Researchers used induced pluripotent stem cells to create neurons from rats or humans. They then manipulated those neurons to express Nrf2 and one of the proteins, either mutant LRRK2 or alpha-synuclein. Using a microscope, they tracked each neuron and measured over time the neuron’s protein levels and health.

Nrf2 exerts its “cleaning” by different processes, the researchers found: It promotes the formation of harmless mutant LRRK2 clumps inside cells or, quite the opposite, it induces alpha-synuclein degradation and clearance, decreasing the levels of the protein inside cells.

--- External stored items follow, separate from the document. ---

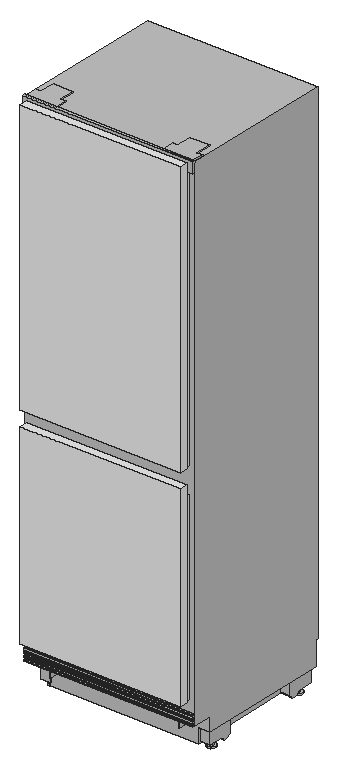
Revit family "FP-Revit18-en-RS2474BRU1-FridgeFreezer-0-US-CA-90002449A", category Specialty Equipment, Revit 2018
Family settings
  Round Connector Dimension = Use Diameter
  Part Type = Normal
  OmniClass Number = 23.40.40.11.11
  OmniClass Title = Refrigerators and Freezers
  Work Plane-Based = No
  Always vertical = Yes
  Cut with Voids When Loaded = Yes
  Shared = No
  Room Calculation Point = No
Parameters (values of type "RS2474BRU1")
  Visibility - Toe Kick Panel [instance] = no
  Visibility - Clearance Required [instance] = yes
  URL = "www.fisherpaykel.com"
  Panel - Width [instance] = 592 mm
  Panel - Thickness [instance] = 19 mm
  Panel - FFL to Bottom of Bottom Panel (15mm - 150mm) [instance] = 102 mm
  Toe Kick - Recess [instance] = 63 mm
  Stainless Steel Door Panels (RD2474BR) [instance] = no
  Product - Width = 592 mm  # constant formula
  Product - Height = 1870 mm  # constant formula
  Product - Depth (exl front panel) = 579 mm  # constant formula
  Model = "RS2474BRU1"
  Material - Door Structure = Fisher & Paykel - White
  Material - Door Front [instance] = Fisher & Paykel - Stainless Steel
  Material - Body = Fisher & Paykel - Grey
  Manufacturer = "Fisher & Paykel Appliances"
  Handle Style - Professional Round Flush (AHP3RDB74) [instance] = no
  Handle Style - Contemporary Square Fine Black (AHD5RDB74B) [instance] = no
  Handle Style - Contemporary Square Fine (AHD5RDB74) [instance] = no
  Handle Style - Contemporary Round (AHSRDB74) = no
  Handle Style - Classic Round (AHCLRDB) [instance] = no
  Description = "24\" Integrated Refrigerator with Bottom mount Freezer"
  Connector Description - Water = "min 275 kPa (40 psi) max 827 kPa (120 psi)"
  Connector Description - Electrical = "120 V, 60 Hz, 10 A circuit"
  Cavity - Width = 600 mm  # constant formula
  Cavity - Height (1870mm - 1890mm) [instance] = 1880 mm
  Panel - FFL to Top of Top Panel (1867mm min) [instance] = 1877 mm
  Cavity - Depth (600mm min with services external) = 600 mm
Reference planes
  plane 1 "Datum": y = 0
  plane 2: z = 0
  plane 3 "Center (Left/Right)": x = 0
  plane 4 "Product LHS": x = -296
  plane 5 "Product RHS": x = 296
  plane 6 "Product - Depth": y = 579
  plane 7: x = -300
  plane 8: x = 300
  plane 9 "Cavity - Depth": y = 581
  plane 10 "Product Height": z = 1880
  plane 11 "Cavity Height": z = 1880
  plane 12 "Panel Thickness": y = -19
  plane 13 "Base": z = 14.497
Forms (mm)
  Extrusion 1, solid, material "Fisher & Paykel - Grey" <- "Material - Body"
    sketch origin (0, 0, 0) x (0, 1, 0) y (0, 0, 1)
      loop
        line (108, 62.997) -> (571.5, 62.997) -> (571.5, 149.997) -> (579, 149.997) -> (579, 1875.998) -> (42.5, 1875.998) -> (42.5, 110.697) -> (108, 110.697) -> (108, 62.997)
    from -296 to 296
  Extrusion 2, solid, material "Fisher & Paykel - Grey" <- "Material - Body"
    sketch origin (0, 0, 0) x (1, 0, 0) y (0, 0, 1)
      loop
        circle (87.23, 31.993) r 5
      loop
        circle (-241.922, 42) r 6
    from -579 to -571.5
  Extrusion 3, solid, material "Fisher & Paykel - White" <- "Material - Door Structure"
    sketch origin (0, 0, 0) x (1, 0, 0) y (0, 1, 0)
      loop
        line (-274.25, 42.5) -> (-274.25, 28.4) -> (274.25, 28.4) -> (274.25, 42.5) -> (-274.25, 42.5)
    from 917.747 to 1838.148
  Extrusion 4, solid, material "Fisher & Paykel - White" <- "Material - Door Structure"
    sketch origin (0, 0, 0) x (1, 0, 0) y (0, 1, 0)
      loop
        line (-280, 28.4) -> (-280, 0) -> (280, 0) -> (280, 28.4) -> (-280, 28.4)
    from 916.247 to 1872.747
  Extrusion 5, solid, material "Fisher & Paykel - Stainless Steel" <- "Material - Door Front", visible <- "Stainless Steel Door Panels (RD2474BR)"
    sketch origin (0, 0, 21.503) x (0, 1, 0) y (0, 0, 1)
      loop
        line (-19, 1855.497) -> (-19, 854.497) -> (0, 854.497) -> (0, 1855.497) -> (-19, 1855.497)
      loop
        line (-19, 80.497) -> (0, 80.497) -> (0, 851.497) -> (-19, 851.497) -> (-19, 80.497)
    from -296 to 296
  Extrusion 6, solid, material "Fisher & Paykel - Clearance Required", visible <- "Visibility - Clearance Required", detail levels coarse
    sketch origin (0, 0, 0) x (1, 0, 0) y (0, 1, 0)
      loop
        line (-300, 581) -> (-300, 0) -> (300, 0) -> (300, 581) -> (-300, 581)
    from 0 to 1880
  Extrusion 7, solid, material "Fisher & Paykel - White" <- "Material - Door Structure"
    sketch origin (0, 0, 0) x (1, 0, 0) y (0, 1, 0)
      loop
        line (-280, 28.4) -> (-280, 0) -> (280, 0) -> (280, 28.4) -> (-280, 28.4)
    from 183.947 to 865.047
  Extrusion 8, solid, material "Fisher & Paykel - White" <- "Material - Door Structure"
    sketch origin (0, 0, 0) x (1, 0, 0) y (0, 1, 0)
      loop
        line (-274.25, 42.5) -> (-274.25, 28.4) -> (274.25, 28.4) -> (274.25, 42.5) -> (-274.25, 42.5)
    from 185.35 to 828.347
  Extrusion 9, solid, material "Fisher & Paykel - Clearance Required", visible <- "Visibility - Clearance Required", detail levels coarse
    sketch origin (0, -8.858, 0) x (1, 0, 0) y (0, 1, 0)
      loop
        arc (-296, -10.142) -> (-23.116, -502.405) -> (539.267, -525.083) r 574.255
        line (539.267, -525.083) -> (299.146, -10.142) -> (-296, -10.142)
    from 0 to 1880
  Extrusion 10, solid, material "Fisher & Paykel - Grey" <- "Material - Body", detail levels fine
    sketch origin (0, 0, 0) x (0, 1, 0) y (0, 0, 1)
      loop
        line (35.5, 149.997) -> (35.5, 145.997) -> (42.5, 145.997) -> (42.5, 149.997) -> (35.5, 149.997)
      loop
        line (35.5, 138.233) -> (35.5, 134.233) -> (42.5, 134.233) -> (42.5, 138.233) -> (35.5, 138.233)
      loop
        line (35.5, 114.697) -> (35.5, 110.697) -> (42.5, 110.697) -> (42.5, 114.697) -> (35.5, 114.697)
      loop
        line (35.5, 126.467) -> (35.5, 122.467) -> (42.5, 122.467) -> (42.5, 126.467) -> (35.5, 126.467)
      loop
        line (33.5, 1880) -> (33.5, 1842.094) -> (42.5, 1842.094) -> (42.5, 1880) -> (33.5, 1880)
    from -296 to 296
  Extrusion 11, solid, material "Fisher & Paykel - Grey" <- "Material - Body"
    sketch origin (0, 0, 0) x (0, 1, 0) y (0, 0, 1)
      loop
        line (108, 62.997) -> (108, 14.497) -> (571.5, 14.497) -> (571.5, 62.997) -> (108, 62.997)
    from -259 to 259
  Extrusion 12, solid, material "Fisher & Paykel - Grey" <- "Material - Body"
    sketch origin (0, 0, 0) x (0, 1, 0) y (0, 0, 1)
      loop
        line (199.5, 62.997) -> (109.5, 62.997) -> (109.5, 21.997) -> (161.836, 21.997)
        arc (161.836, 21.997) -> (180.668, 9.967) -> (199.5, 21.997) r 20.754
        line (199.5, 21.997) -> (199.5, 62.997)
      loop
        line (460.586, 62.997) -> (460.586, 21.997)
        arc (460.586, 21.997) -> (479.418, 9.967) -> (498.25, 21.997) r 20.754
        line (498.25, 21.997) -> (550.586, 21.997) -> (550.586, 62.997) -> (460.586, 62.997)
    from 259 to 294
  Extrusion 13, solid, material "Fisher & Paykel - Grey" <- "Material - Body", detail levels fine
    sketch origin (0, 0, 0) x (1, 0, 0) y (0, 1, 0)
      loop
        line (-273, 136.5) -> (-273, 82.6) -> (-291, 82.6) -> (-291, 42.5) -> (-187, 42.5) -> (-187, 82.6) -> (-205, 82.6) -> (-205, 136.5) -> (-273, 136.5)
      loop
        line (273, 136.5) -> (205, 136.5) -> (205, 82.6) -> (187, 82.6) -> (187, 42.5) -> (291, 42.5) -> (291, 82.6) -> (273, 82.6) -> (273, 136.5)
    from 1875.998 to 1880
  Extrusion 14, solid, material "Fisher & Paykel - Stainless Steel" <- "Material - Door Front", visible <- "Visibility - Toe Kick Panel"
    sketch origin (0, 0, 0) x (0, 1, 0) y (0, 0, 1)
      loop
        line (44, 110) -> (44, 0) -> (63, 0) -> (63, 110) -> (44, 110)
    from -296 to 296
  Extrusion 15, solid, material "Fisher & Paykel - Grey" <- "Material - Body", detail levels fine
    sketch origin (0, 0, 0) x (1, 0, 0) y (0, 1, 0)
      loop
        circle (276.5, 140.6) r 15
      loop
        circle (276.5, 519.6) r 15
      loop
        circle (-276.5, 140.6) r 15
      loop
        circle (-276.5, 519.6) r 15
    from 0 to 3
  Extrusion 16, solid, material "Fisher & Paykel - Grey" <- "Material - Body", detail levels fine
    sketch origin (0, 0, 0) x (1, 0, 0) y (0, 1, 0)
      loop
        circle (276.5, 140.6) r 5
      loop
        circle (276.5, 519.6) r 5
      loop
        circle (-276.5, 140.6) r 5
      loop
        circle (-276.5, 519.6) r 5
    from 3 to 21.997
  Extrusion 17, solid, material "Fisher & Paykel - Grey" <- "Material - Body", detail levels fine
    sketch origin (0, 0, 0) x (0, 1, 0) y (0, 0, 1)
      loop
        line (63.1, 70.7) -> (108, 70.7) -> (108, 110.697) -> (63.1, 110.697) -> (63.1, 70.7)
    from 224 to 226
  Extrusion 18, solid, material "Fisher & Paykel - Grey" <- "Material - Body", detail levels fine
    sketch origin (0, 0, 0) x (0, 1, 0) y (0, 0, -1)
      loop
        line (63.1, -70.7) -> (63.1, -110.697) -> (108, -110.697) -> (108, -70.7) -> (63.1, -70.7)
    from 224 to 226
  Extrusion 19, solid, material "Fisher & Paykel - Grey" <- "Material - Body"
    sketch origin (0, 0, 0) x (0, 1, 0) y (0, 0, -1)
      loop
        line (199.5, -62.997) -> (199.5, -21.997)
        arc (199.5, -21.997) -> (180.668, -9.967) -> (161.836, -21.997) r 20.754
        line (161.836, -21.997) -> (109.5, -21.997) -> (109.5, -62.997) -> (199.5, -62.997)
      loop
        line (460.586, -62.997) -> (550.586, -62.997) -> (550.586, -21.997) -> (498.25, -21.997)
        arc (498.25, -21.997) -> (479.418, -9.967) -> (460.586, -21.997) r 20.754
        line (460.586, -21.997) -> (460.586, -62.997)
    from 259 to 294
  Extrusion 20, void
    sketch origin (0, 0, 0) x (1, 0, 0) y (0, 1, 0)
      loop
        line (-300, 579) -> (-300, -19) -> (300, -19) -> (300, 579) -> (-300, 579)
    from 0 to 1880
Cuts and joins
  joined: Extrusion 1, Extrusion 11, Extrusion 12
Text (mm)
  text "Due to ongoing product development, product details are subject to change without notice. \nPlease always refer to www.fisherpaykel.com for the most current product information. \n© Fisher & Paykel 2020" at (41.04, -678.295, 0), in view "Ref. Level (Plan)"
Dimensions and locks
  equal spacing: plane 4 "Product LHS", plane 3 "Center (Left/Right)", plane 5 "Product RHS"
  "Product - Width": plane 4 "Product LHS" to plane 5 "Product RHS"
  "Product - Depth (exl front panel)": plane 1 "Datum" to plane 6 "Product - Depth"
  equal spacing: plane 7, plane 3 "Center (Left/Right)", plane 8
  "Cavity - Width": plane 7 to plane 8
  Extrusion 2 sketch curve to plane 5 "Product RHS" = 208.77 mm
  plane 4 "Product LHS" to Extrusion 2 sketch curve = 54.078 mm
  "Cavity - Height (1870mm - 1890mm)": plane 11 "Cavity Height" to level
  locked: cut or joined group of Extrusion 1, Extrusion 11, Extrusion 12 to plane 10 "Product Height" at 4.002
  "Panel - Thickness": Extrusion 14 to Extrusion 14
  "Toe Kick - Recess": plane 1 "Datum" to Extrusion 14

“I am very enthusiastic about this strategy for treating neurodegenerative diseases,” said Finkbeiner, the lead author. “We’ve tested Nrf2 in models of Huntington’s disease, Parkinson’s disease, and ALS, and it is the most protective thing we’ve ever found. Based on the magnitude and the breadth of the effect, we really want to understand Nrf2 and its role in protein regulation better.”

Researchers are trying to devise a strategy that could allow for therapeutic targeting of Nrf2 or its downstream effectors.